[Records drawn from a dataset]
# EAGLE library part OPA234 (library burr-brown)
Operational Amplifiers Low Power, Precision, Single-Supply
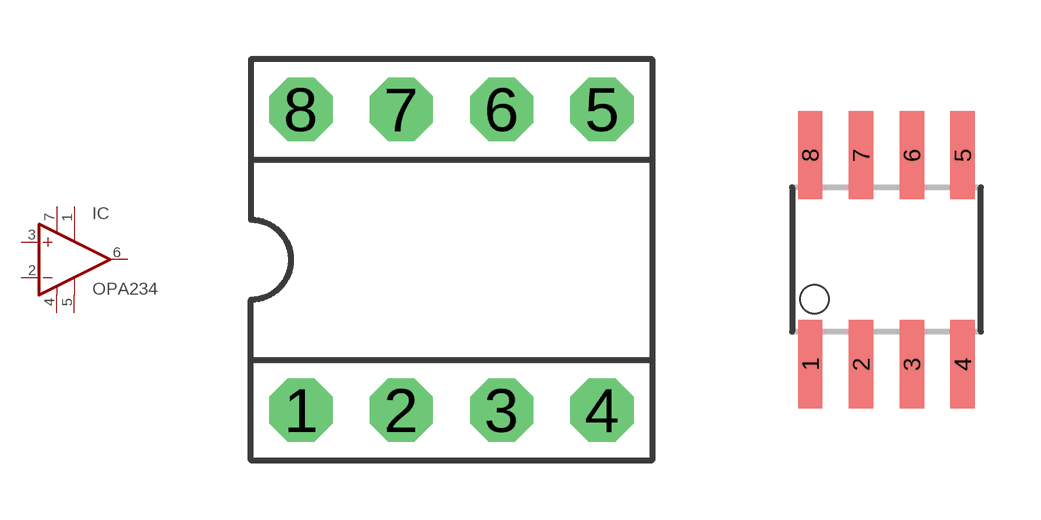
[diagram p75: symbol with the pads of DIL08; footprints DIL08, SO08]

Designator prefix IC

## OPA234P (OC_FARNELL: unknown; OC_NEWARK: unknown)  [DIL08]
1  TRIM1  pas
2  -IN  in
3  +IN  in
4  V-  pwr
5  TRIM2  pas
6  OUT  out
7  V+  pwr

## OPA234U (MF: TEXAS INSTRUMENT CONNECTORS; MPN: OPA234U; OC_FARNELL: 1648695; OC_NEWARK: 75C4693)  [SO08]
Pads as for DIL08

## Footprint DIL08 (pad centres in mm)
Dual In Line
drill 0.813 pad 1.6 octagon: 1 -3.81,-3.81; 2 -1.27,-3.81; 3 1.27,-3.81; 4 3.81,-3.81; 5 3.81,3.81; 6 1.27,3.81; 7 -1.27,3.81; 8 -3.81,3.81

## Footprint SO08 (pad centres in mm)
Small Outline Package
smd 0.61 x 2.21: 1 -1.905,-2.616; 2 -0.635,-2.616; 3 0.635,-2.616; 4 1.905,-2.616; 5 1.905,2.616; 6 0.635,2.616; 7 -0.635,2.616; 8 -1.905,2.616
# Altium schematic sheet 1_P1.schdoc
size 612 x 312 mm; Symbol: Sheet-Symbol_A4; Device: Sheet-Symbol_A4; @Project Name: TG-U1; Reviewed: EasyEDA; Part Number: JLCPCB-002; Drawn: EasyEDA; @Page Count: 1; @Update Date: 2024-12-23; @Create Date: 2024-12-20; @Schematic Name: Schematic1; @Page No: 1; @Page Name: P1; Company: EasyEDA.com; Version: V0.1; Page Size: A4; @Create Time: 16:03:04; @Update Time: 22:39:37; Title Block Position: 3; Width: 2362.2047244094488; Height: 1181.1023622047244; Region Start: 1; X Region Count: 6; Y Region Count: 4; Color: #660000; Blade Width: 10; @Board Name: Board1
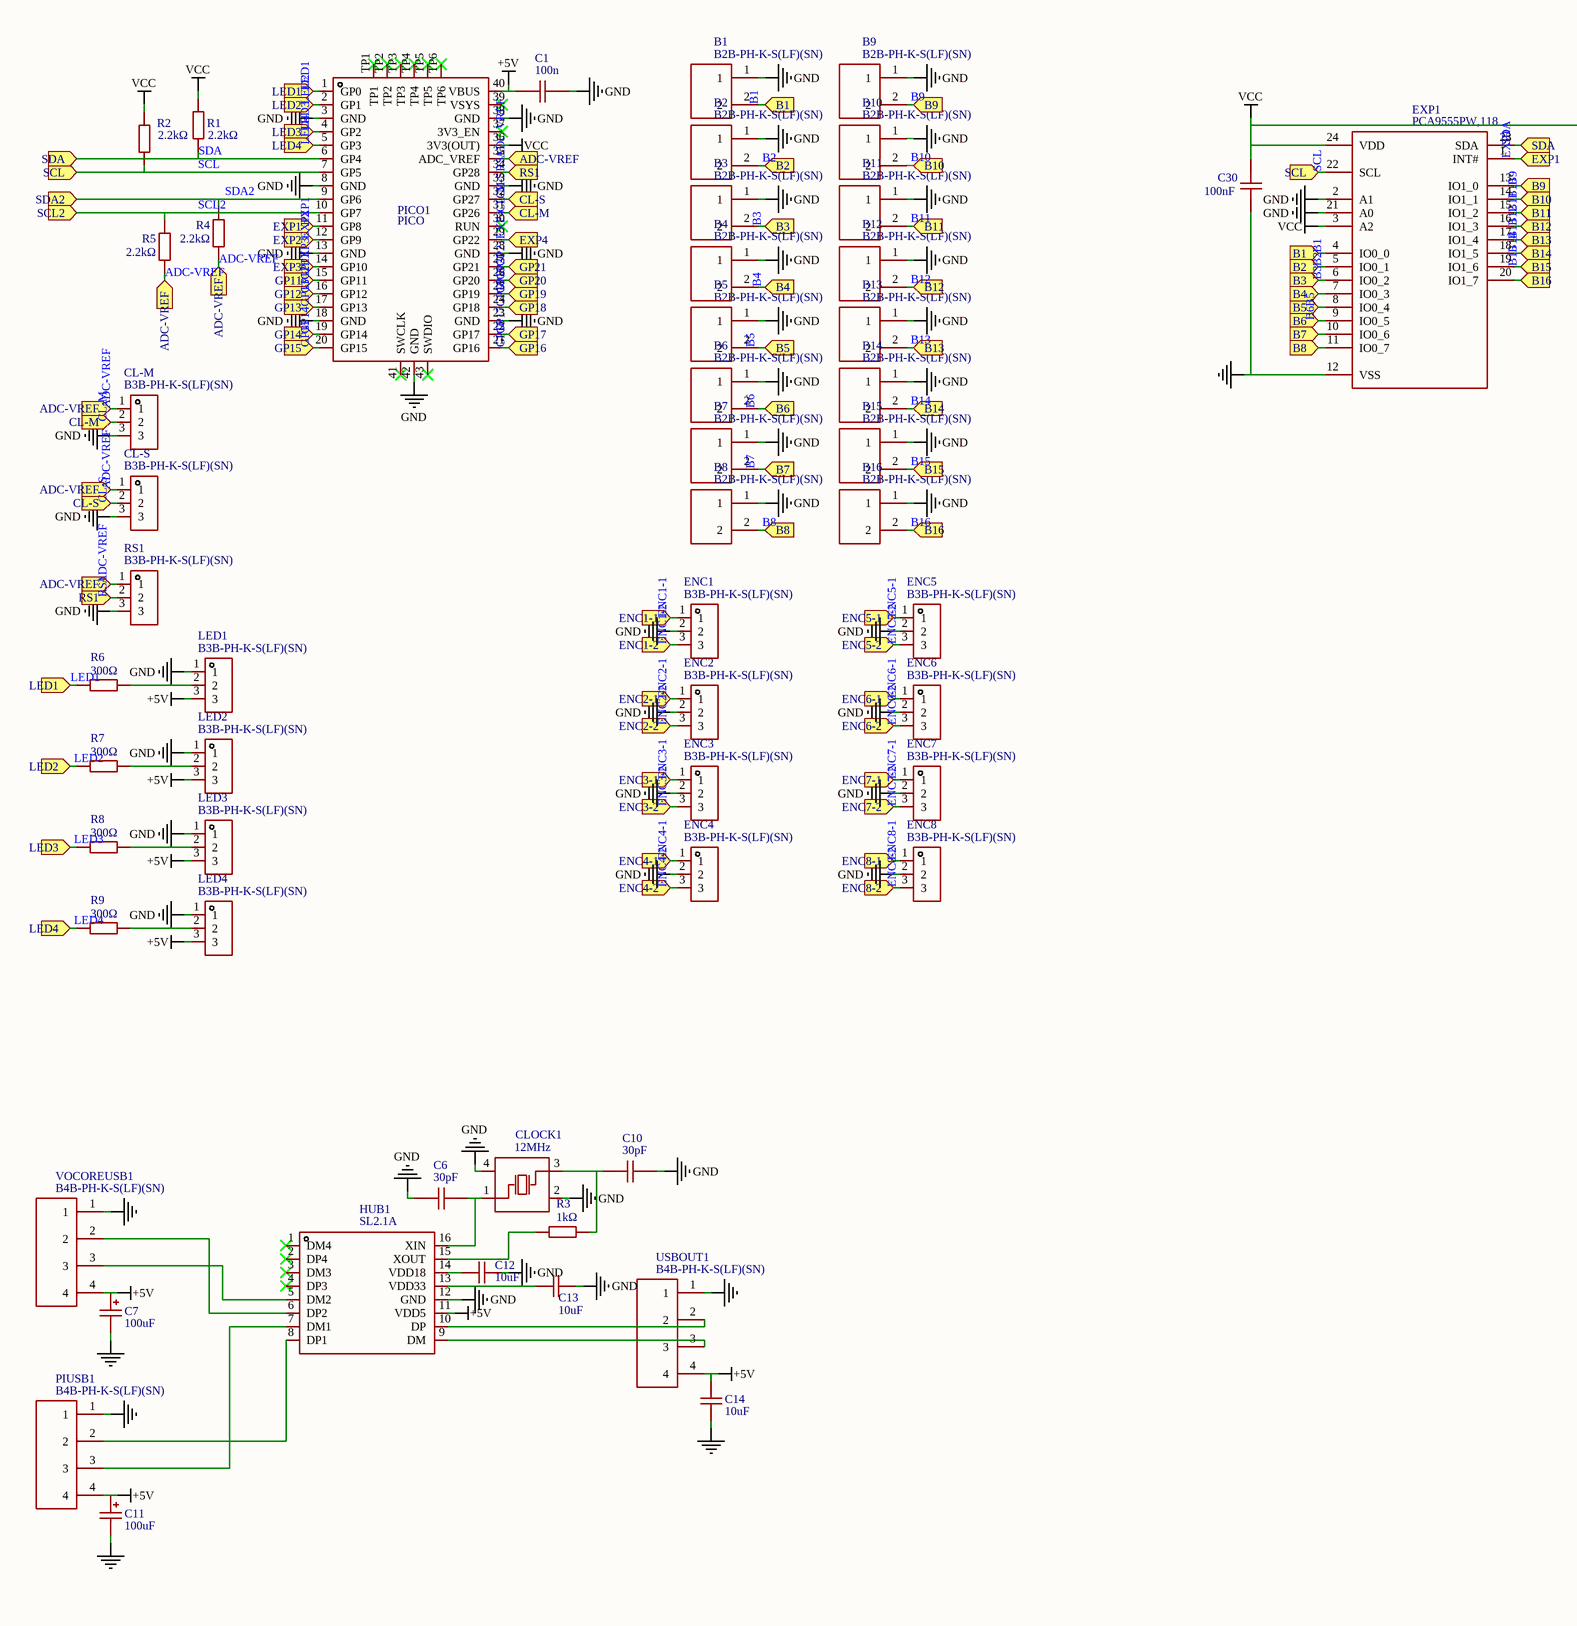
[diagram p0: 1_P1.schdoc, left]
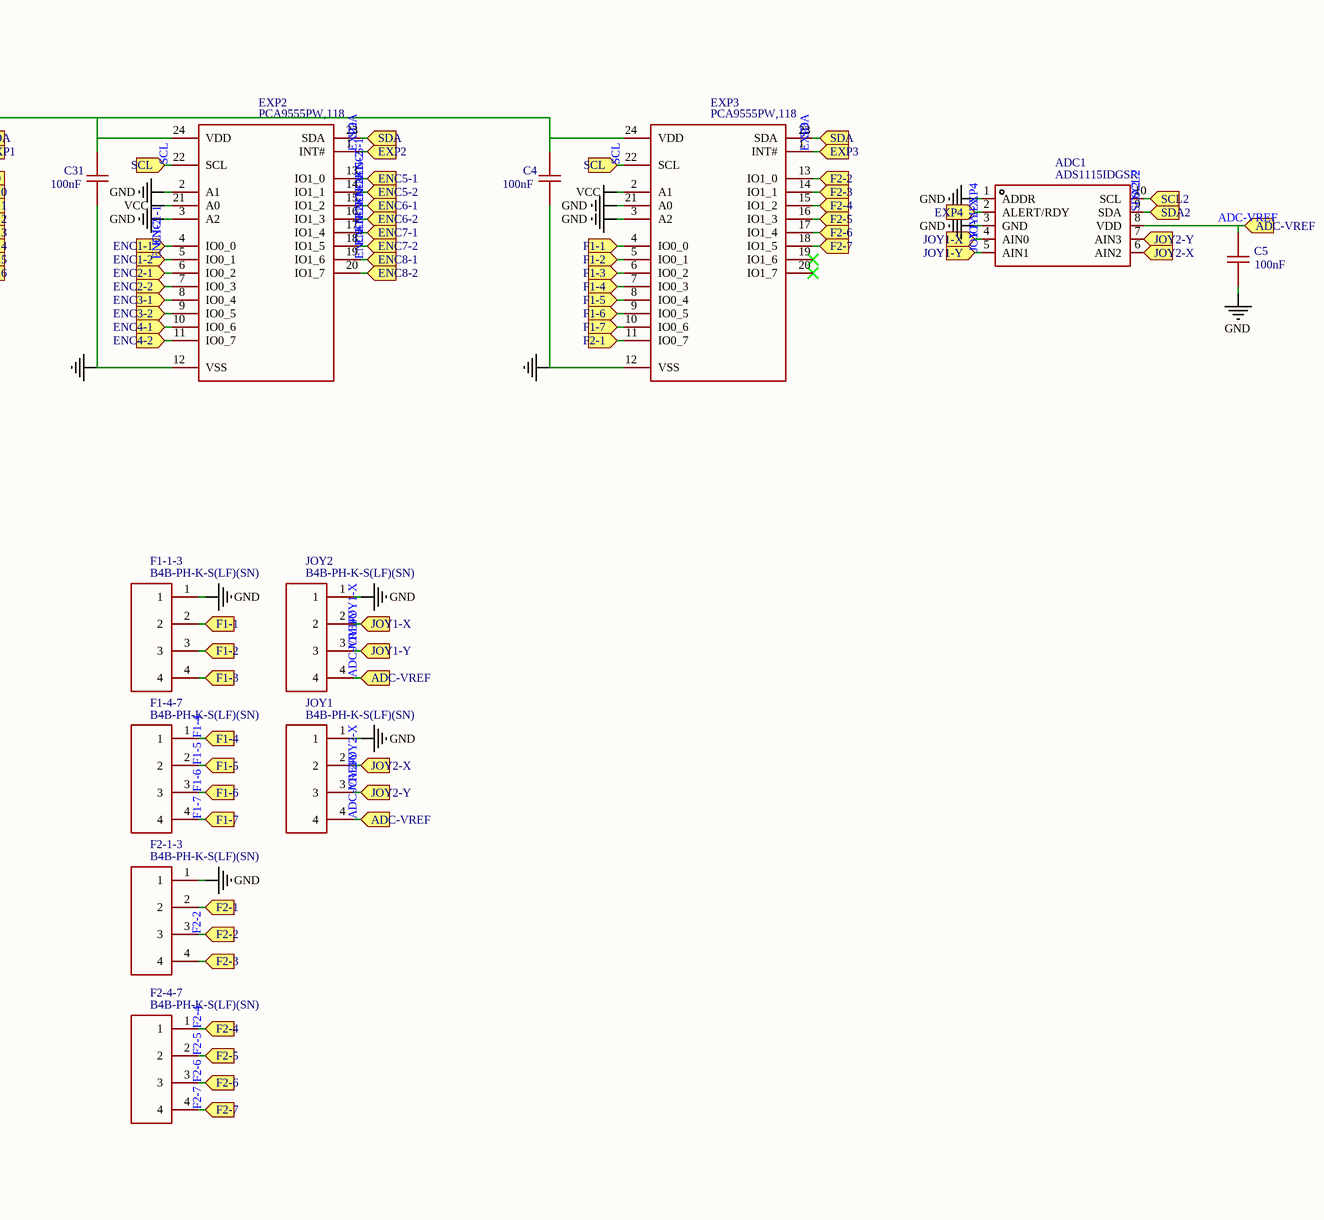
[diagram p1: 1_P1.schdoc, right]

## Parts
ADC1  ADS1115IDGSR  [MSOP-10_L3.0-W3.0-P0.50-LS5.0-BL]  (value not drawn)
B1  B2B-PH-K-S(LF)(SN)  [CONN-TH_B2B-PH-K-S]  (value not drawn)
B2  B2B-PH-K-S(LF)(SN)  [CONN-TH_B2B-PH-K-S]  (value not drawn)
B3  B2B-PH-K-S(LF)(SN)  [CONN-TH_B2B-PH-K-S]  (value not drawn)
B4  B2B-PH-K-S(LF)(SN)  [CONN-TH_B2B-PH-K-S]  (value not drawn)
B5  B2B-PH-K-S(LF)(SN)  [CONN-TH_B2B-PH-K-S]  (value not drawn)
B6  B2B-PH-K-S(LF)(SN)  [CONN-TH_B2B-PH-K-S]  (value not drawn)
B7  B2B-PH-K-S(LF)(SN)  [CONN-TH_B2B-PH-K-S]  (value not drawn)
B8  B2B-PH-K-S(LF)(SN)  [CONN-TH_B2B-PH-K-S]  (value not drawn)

**Work request:**
The data above must be copied exactly. Leave out the pictures.

**Written response:**
# EAGLE library part OPA234 (library burr-brown)
Operational Amplifiers Low Power, Precision, Single-Supply
[diagram p75: symbol with the pads of DIL08; footprints DIL08, SO08]

Designator prefix IC

## OPA234P (OC_FARNELL: unknown; OC_NEWARK: unknown)  [DIL08]
1  TRIM1  pas
2  -IN  in
3  +IN  in
4  V-  pwr
5  TRIM2  pas
6  OUT  out
7  V+  pwr

## OPA234U (MF: TEXAS INSTRUMENT CONNECTORS; MPN: OPA234U; OC_FARNELL: 1648695; OC_NEWARK: 75C4693)  [SO08]
Pads as for DIL08

## Footprint DIL08 (pad centres in mm)
Dual In Line
drill 0.813 pad 1.6 octagon: 1 -3.81,-3.81; 2 -1.27,-3.81; 3 1.27,-3.81; 4 3.81,-3.81; 5 3.81,3.81; 6 1.27,3.81; 7 -1.27,3.81; 8 -3.81,3.81

## Footprint SO08 (pad centres in mm)
Small Outline Package
smd 0.61 x 2.21: 1 -1.905,-2.616; 2 -0.635,-2.616; 3 0.635,-2.616; 4 1.905,-2.616; 5 1.905,2.616; 6 0.635,2.616; 7 -0.635,2.616; 8 -1.905,2.616
# Altium schematic sheet 1_P1.schdoc
size 612 x 312 mm; Symbol: Sheet-Symbol_A4; Device: Sheet-Symbol_A4; @Project Name: TG-U1; Reviewed: EasyEDA; Part Number: JLCPCB-002; Drawn: EasyEDA; @Page Count: 1; @Update Date: 2024-12-23; @Create Date: 2024-12-20; @Schematic Name: Schematic1; @Page No: 1; @Page Name: P1; Company: EasyEDA.com; Version: V0.1; Page Size: A4; @Create Time: 16:03:04; @Update Time: 22:39:37; Title Block Position: 3; Width: 2362.2047244094488; Height: 1181.1023622047244; Region Start: 1; X Region Count: 6; Y Region Count: 4; Color: #660000; Blade Width: 10; @Board Name: Board1
[diagram p0: 1_P1.schdoc, left]
[diagram p1: 1_P1.schdoc, right]

## Parts
ADC1  ADS1115IDGSR  [MSOP-10_L3.0-W3.0-P0.50-LS5.0-BL]  (value not drawn)
B1  B2B-PH-K-S(LF)(SN)  [CONN-TH_B2B-PH-K-S]  (value not drawn)
B2  B2B-PH-K-S(LF)(SN)  [CONN-TH_B2B-PH-K-S]  (value not drawn)
B3  B2B-PH-K-S(LF)(SN)  [CONN-TH_B2B-PH-K-S]  (value not drawn)
B4  B2B-PH-K-S(LF)(SN)  [CONN-TH_B2B-PH-K-S]  (value not drawn)
B5  B2B-PH-K-S(LF)(SN)  [CONN-TH_B2B-PH-K-S]  (value not drawn)
B6  B2B-PH-K-S(LF)(SN)  [CONN-TH_B2B-PH-K-S]  (value not drawn)
B7  B2B-PH-K-S(LF)(SN)  [CONN-TH_B2B-PH-K-S]  (value not drawn)
B8  B2B-PH-K-S(LF)(SN)  [CONN-TH_B2B-PH-K-S]  (value not drawn)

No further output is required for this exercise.